# INPUT:
◇ ◇ ◇ ◇ ◇ ◇ ◇

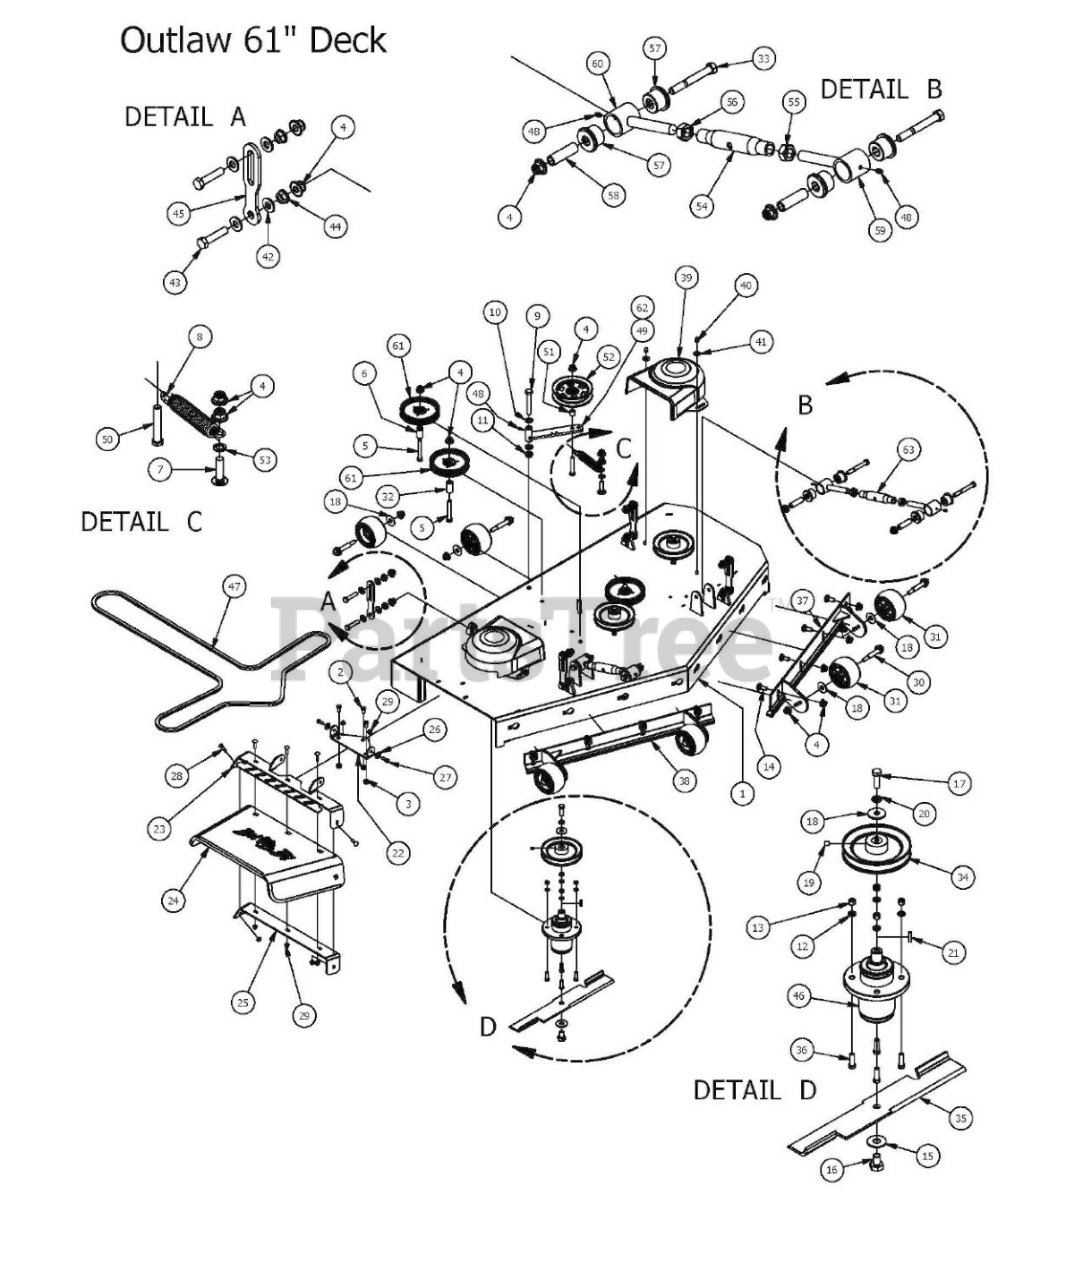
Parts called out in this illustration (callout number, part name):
1	2015 61" Deck
2	3/8" x 3/4" Hex Bolt
3	3/8" Flange Nut
4	1/2-13 Nylon Flange Nut
5	1/2 x 3 1/2 Flange Bolt Grade 8
6	Idler Pulley Standoff
7	1/2 x 2" Carriage Bolt
8	2015 Deck Idler Spring
9	5/8" x 4" Hex Bolt
10	.630 ID Plastic Washer
11	5/8-11 Nylon Insert Jam Half Nut
12	3/8 Lockwasher Zinc
13	3/8-16 Hex Nuts Zinc
14	1/2" x 1 1/4 Carriage Bolt
15	5/8" Flat Washer
16	5/8" x 1 1/2" Grade 8 Hex Bolt (Fine)
17	1/2"-20 x 1 1/2 - Grade 5 Fine Thread Bolt
18	1/2" Belleville Washer
19	5/16 Set Screw
20	1/2" Lock Washer
21	1/4" x 1" Key
22	Discharge Chute Hanger (deck mounted)
23	60" Discharge Chute Upper Hanger
24	Rubber Discharge Chute
25	60" Discharge Lower Bracket
26	.360 ID Plastic Washer
27	5/16" x 1" Bolt
28	5/16" x 1 1/4" Carriage Bolt
29	5/16" Nylock Flange Nut Zinc
30	Deck Wheel Bolt
31	Anti-Scalp Roller
32	1 3/4" Pulley Spacer
33	1/2" x 4" Bolt (Grade 8)
34	6 1/4" Drive Pulley
35	61 inch Fusion Blade
36	3/8" x 1 1/4" Hex Bolt
37	61 Deck Adustable Front (Left)
38	61 Deck Adustable Front (Right)
39	Pulley Cover
40	Acorn nut-pulley Cover
41	.360 ID Plastic Washer-Black
42	.505 Nylon Spacer
43	1/2-13X 2-1/4 GR Hex Bolts.
44	1/2" Flange Nut
45	Deck Hanging Tab
46	OUTLAW SPINDLE ASSEMBLY
47	B178 Belt For 61 Inch Outlaw
48	1/4" Press in Grease Fitting
49	Deck Idler
50	1/2-13 x GR 5 Hex Bolt Zinc
51	Spacer 3/4 OD x 1/2 ID x 314 Length
52	5" Idler Pully
53	.517 Square Hole Round Washer
54	2015 Outlaw Toplink Body
55	3/4-10 Left-Handed Hex Nuts Zinc
56	3/4-10 Hex Nuts Zinc
59	Turn Left-Handed
60	Right-Handed End
61	5-3/4 Idler Pulley-Capitol Stampings
62	Deck Idler Assembly - Includes parts: 4,48,49,50,51,52
63	Turnbuckle Assembly

◇ ◇ ◇ ◇ ◇ ◇ ◇

# WORK REQUIRED:
Leave the pictures out and print every record exactly.

# OUTPUT BELOW:
Parts called out in this illustration (callout number, part name):
1	2015 61" Deck
2	3/8" x 3/4" Hex Bolt
3	3/8" Flange Nut
4	1/2-13 Nylon Flange Nut
5	1/2 x 3 1/2 Flange Bolt Grade 8
6	Idler Pulley Standoff
7	1/2 x 2" Carriage Bolt
8	2015 Deck Idler Spring
9	5/8" x 4" Hex Bolt
10	.630 ID Plastic Washer
11	5/8-11 Nylon Insert Jam Half Nut
12	3/8 Lockwasher Zinc
13	3/8-16 Hex Nuts Zinc
14	1/2" x 1 1/4 Carriage Bolt
15	5/8" Flat Washer
16	5/8" x 1 1/2" Grade 8 Hex Bolt (Fine)
17	1/2"-20 x 1 1/2 - Grade 5 Fine Thread Bolt
18	1/2" Belleville Washer
19	5/16 Set Screw
20	1/2" Lock Washer
21	1/4" x 1" Key
22	Discharge Chute Hanger (deck mounted)
23	60" Discharge Chute Upper Hanger
24	Rubber Discharge Chute
25	60" Discharge Lower Bracket
26	.360 ID Plastic Washer
27	5/16" x 1" Bolt
28	5/16" x 1 1/4" Carriage Bolt
29	5/16" Nylock Flange Nut Zinc
30	Deck Wheel Bolt
31	Anti-Scalp Roller
32	1 3/4" Pulley Spacer
33	1/2" x 4" Bolt (Grade 8)
34	6 1/4" Drive Pulley
35	61 inch Fusion Blade
36	3/8" x 1 1/4" Hex Bolt
37	61 Deck Adustable Front (Left)
38	61 Deck Adustable Front (Right)
39	Pulley Cover
40	Acorn nut-pulley Cover
41	.360 ID Plastic Washer-Black
42	.505 Nylon Spacer
43	1/2-13X 2-1/4 GR Hex Bolts.
44	1/2" Flange Nut
45	Deck Hanging Tab
46	OUTLAW SPINDLE ASSEMBLY
47	B178 Belt For 61 Inch Outlaw
48	1/4" Press in Grease Fitting
49	Deck Idler
50	1/2-13 x GR 5 Hex Bolt Zinc
51	Spacer 3/4 OD x 1/2 ID x 314 Length
52	5" Idler Pully
53	.517 Square Hole Round Washer
54	2015 Outlaw Toplink Body
55	3/4-10 Left-Handed Hex Nuts Zinc
56	3/4-10 Hex Nuts Zinc
59	Turn Left-Handed
60	Right-Handed End
61	5-3/4 Idler Pulley-Capitol Stampings
62	Deck Idler Assembly - Includes parts: 4,48,49,50,51,52
63	Turnbuckle Assembly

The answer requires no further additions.